↓↓↓

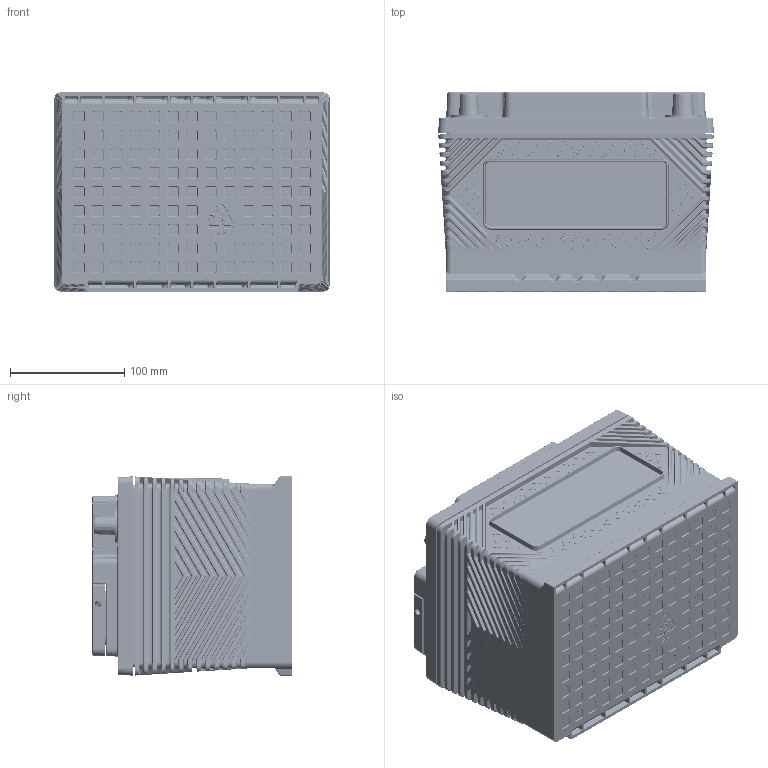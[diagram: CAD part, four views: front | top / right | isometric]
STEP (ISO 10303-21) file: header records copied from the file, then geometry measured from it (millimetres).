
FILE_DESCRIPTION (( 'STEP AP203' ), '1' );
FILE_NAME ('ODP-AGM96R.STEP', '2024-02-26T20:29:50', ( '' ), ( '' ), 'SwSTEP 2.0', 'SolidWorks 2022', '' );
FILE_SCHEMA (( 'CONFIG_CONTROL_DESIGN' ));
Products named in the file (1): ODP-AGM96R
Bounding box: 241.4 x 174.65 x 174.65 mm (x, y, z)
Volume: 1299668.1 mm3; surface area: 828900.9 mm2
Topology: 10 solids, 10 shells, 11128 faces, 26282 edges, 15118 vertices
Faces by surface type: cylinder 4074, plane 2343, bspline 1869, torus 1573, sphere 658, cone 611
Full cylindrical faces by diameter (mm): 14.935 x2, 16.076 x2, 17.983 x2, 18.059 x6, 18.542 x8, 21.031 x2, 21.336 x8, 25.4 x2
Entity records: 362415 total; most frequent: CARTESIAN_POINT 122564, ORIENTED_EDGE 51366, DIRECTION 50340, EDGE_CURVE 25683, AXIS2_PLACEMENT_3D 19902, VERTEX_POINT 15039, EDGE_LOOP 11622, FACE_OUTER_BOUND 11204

↑↑↑

# HOW TO COMPLETE THIS TASK:
Before copying, set the pictures aside; then give the records again exactly.

# THE COMPLETED TASK:
[diagram: CAD part, four views: front | top / right | isometric]
STEP (ISO 10303-21) file: header records copied from the file, then geometry measured from it (millimetres).
FILE_DESCRIPTION (( 'STEP AP203' ), '1' );
FILE_NAME ('ODP-AGM96R.STEP', '2024-02-26T20:29:50', ( '' ), ( '' ), 'SwSTEP 2.0', 'SolidWorks 2022', '' );
FILE_SCHEMA (( 'CONFIG_CONTROL_DESIGN' ));
Products named in the file (1): ODP-AGM96R
Bounding box: 241.4 x 174.65 x 174.65 mm (x, y, z)
Volume: 1299668.1 mm3; surface area: 828900.9 mm2
Topology: 10 solids, 10 shells, 11128 faces, 26282 edges, 15118 vertices
Faces by surface type: cylinder 4074, plane 2343, bspline 1869, torus 1573, sphere 658, cone 611
Full cylindrical faces by diameter (mm): 14.935 x2, 16.076 x2, 17.983 x2, 18.059 x6, 18.542 x8, 21.031 x2, 21.336 x8, 25.4 x2
Entity records: 362415 total; most frequent: CARTESIAN_POINT 122564, ORIENTED_EDGE 51366, DIRECTION 50340, EDGE_CURVE 25683, AXIS2_PLACEMENT_3D 19902, VERTEX_POINT 15039, EDGE_LOOP 11622, FACE_OUTER_BOUND 11204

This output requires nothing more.